** Task inputs follows **
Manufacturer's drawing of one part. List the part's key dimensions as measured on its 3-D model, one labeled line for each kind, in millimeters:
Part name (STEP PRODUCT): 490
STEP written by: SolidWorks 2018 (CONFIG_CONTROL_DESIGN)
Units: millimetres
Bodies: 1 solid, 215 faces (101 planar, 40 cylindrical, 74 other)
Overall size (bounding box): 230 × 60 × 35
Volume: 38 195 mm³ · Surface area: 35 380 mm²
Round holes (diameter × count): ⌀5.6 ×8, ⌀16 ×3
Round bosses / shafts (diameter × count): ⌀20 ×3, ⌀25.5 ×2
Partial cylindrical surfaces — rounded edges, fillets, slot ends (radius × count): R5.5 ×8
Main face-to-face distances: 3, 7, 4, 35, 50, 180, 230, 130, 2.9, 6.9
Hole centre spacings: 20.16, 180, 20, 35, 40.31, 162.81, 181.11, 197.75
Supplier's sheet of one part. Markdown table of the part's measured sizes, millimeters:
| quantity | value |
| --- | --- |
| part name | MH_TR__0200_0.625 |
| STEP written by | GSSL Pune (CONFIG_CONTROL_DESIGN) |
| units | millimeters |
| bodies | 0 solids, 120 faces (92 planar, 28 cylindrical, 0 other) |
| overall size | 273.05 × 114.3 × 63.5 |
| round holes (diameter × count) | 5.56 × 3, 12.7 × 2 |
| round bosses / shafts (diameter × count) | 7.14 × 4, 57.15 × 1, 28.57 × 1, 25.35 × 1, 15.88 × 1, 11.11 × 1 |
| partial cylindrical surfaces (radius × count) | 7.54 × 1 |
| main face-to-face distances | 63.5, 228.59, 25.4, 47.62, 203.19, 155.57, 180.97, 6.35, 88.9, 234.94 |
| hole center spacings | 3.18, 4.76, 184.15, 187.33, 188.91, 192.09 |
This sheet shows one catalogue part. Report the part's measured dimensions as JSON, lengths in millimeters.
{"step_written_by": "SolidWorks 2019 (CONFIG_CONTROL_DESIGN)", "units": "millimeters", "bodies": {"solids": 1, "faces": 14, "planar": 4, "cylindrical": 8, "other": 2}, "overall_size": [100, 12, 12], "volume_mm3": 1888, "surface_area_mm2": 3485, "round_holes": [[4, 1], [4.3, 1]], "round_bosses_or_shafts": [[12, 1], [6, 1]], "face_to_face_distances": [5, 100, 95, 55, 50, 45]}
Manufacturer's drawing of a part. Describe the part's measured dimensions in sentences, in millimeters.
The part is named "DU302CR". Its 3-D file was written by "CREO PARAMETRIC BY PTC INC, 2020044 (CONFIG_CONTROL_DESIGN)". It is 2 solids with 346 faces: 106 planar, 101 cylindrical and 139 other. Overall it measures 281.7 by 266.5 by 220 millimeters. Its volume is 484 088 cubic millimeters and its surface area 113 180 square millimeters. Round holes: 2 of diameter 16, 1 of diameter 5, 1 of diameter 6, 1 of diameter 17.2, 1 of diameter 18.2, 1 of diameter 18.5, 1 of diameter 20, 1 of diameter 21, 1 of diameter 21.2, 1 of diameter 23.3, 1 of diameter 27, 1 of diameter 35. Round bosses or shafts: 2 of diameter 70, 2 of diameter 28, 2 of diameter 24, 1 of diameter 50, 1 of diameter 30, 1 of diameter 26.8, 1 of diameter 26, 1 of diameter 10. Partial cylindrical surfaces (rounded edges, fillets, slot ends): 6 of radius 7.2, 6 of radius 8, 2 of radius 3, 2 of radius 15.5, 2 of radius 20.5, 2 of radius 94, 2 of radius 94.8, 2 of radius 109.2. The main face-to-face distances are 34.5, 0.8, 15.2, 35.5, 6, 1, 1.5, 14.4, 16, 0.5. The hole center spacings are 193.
** End of Task inputs **
Activity
Write the entries above out again, verbatim.

Response
Manufacturer's drawing of one part. List the part's key dimensions as measured on its 3-D model, one labeled line for each kind, in millimeters:
Part name (STEP PRODUCT): 490
STEP written by: SolidWorks 2018 (CONFIG_CONTROL_DESIGN)
Units: millimetres
Bodies: 1 solid, 215 faces (101 planar, 40 cylindrical, 74 other)
Overall size (bounding box): 230 × 60 × 35
Volume: 38 195 mm³ · Surface area: 35 380 mm²
Round holes (diameter × count): ⌀5.6 ×8, ⌀16 ×3
Round bosses / shafts (diameter × count): ⌀20 ×3, ⌀25.5 ×2
Partial cylindrical surfaces — rounded edges, fillets, slot ends (radius × count): R5.5 ×8
Main face-to-face distances: 3, 7, 4, 35, 50, 180, 230, 130, 2.9, 6.9
Hole centre spacings: 20.16, 180, 20, 35, 40.31, 162.81, 181.11, 197.75
Supplier's sheet of one part. Markdown table of the part's measured sizes, millimeters:
| quantity | value |
| --- | --- |
| part name | MH_TR__0200_0.625 |
| STEP written by | GSSL Pune (CONFIG_CONTROL_DESIGN) |
| units | millimeters |
| bodies | 0 solids, 120 faces (92 planar, 28 cylindrical, 0 other) |
| overall size | 273.05 × 114.3 × 63.5 |
| round holes (diameter × count) | 5.56 × 3, 12.7 × 2 |
| round bosses / shafts (diameter × count) | 7.14 × 4, 57.15 × 1, 28.57 × 1, 25.35 × 1, 15.88 × 1, 11.11 × 1 |
| partial cylindrical surfaces (radius × count) | 7.54 × 1 |
| main face-to-face distances | 63.5, 228.59, 25.4, 47.62, 203.19, 155.57, 180.97, 6.35, 88.9, 234.94 |
| hole center spacings | 3.18, 4.76, 184.15, 187.33, 188.91, 192.09 |
This sheet shows one catalogue part. Report the part's measured dimensions as JSON, lengths in millimeters.
{"step_written_by": "SolidWorks 2019 (CONFIG_CONTROL_DESIGN)", "units": "millimeters", "bodies": {"solids": 1, "faces": 14, "planar": 4, "cylindrical": 8, "other": 2}, "overall_size": [100, 12, 12], "volume_mm3": 1888, "surface_area_mm2": 3485, "round_holes": [[4, 1], [4.3, 1]], "round_bosses_or_shafts": [[12, 1], [6, 1]], "face_to_face_distances": [5, 100, 95, 55, 50, 45]}
Manufacturer's drawing of a part. Describe the part's measured dimensions in sentences, in millimeters.
The part is named "DU302CR". Its 3-D file was written by "CREO PARAMETRIC BY PTC INC, 2020044 (CONFIG_CONTROL_DESIGN)". It is 2 solids with 346 faces: 106 planar, 101 cylindrical and 139 other. Overall it measures 281.7 by 266.5 by 220 millimeters. Its volume is 484 088 cubic millimeters and its surface area 113 180 square millimeters. Round holes: 2 of diameter 16, 1 of diameter 5, 1 of diameter 6, 1 of diameter 17.2, 1 of diameter 18.2, 1 of diameter 18.5, 1 of diameter 20, 1 of diameter 21, 1 of diameter 21.2, 1 of diameter 23.3, 1 of diameter 27, 1 of diameter 35. Round bosses or shafts: 2 of diameter 70, 2 of diameter 28, 2 of diameter 24, 1 of diameter 50, 1 of diameter 30, 1 of diameter 26.8, 1 of diameter 26, 1 of diameter 10. Partial cylindrical surfaces (rounded edges, fillets, slot ends): 6 of radius 7.2, 6 of radius 8, 2 of radius 3, 2 of radius 15.5, 2 of radius 20.5, 2 of radius 94, 2 of radius 94.8, 2 of radius 109.2. The main face-to-face distances are 34.5, 0.8, 15.2, 35.5, 6, 1, 1.5, 14.4, 16, 0.5. The hole center spacings are 193.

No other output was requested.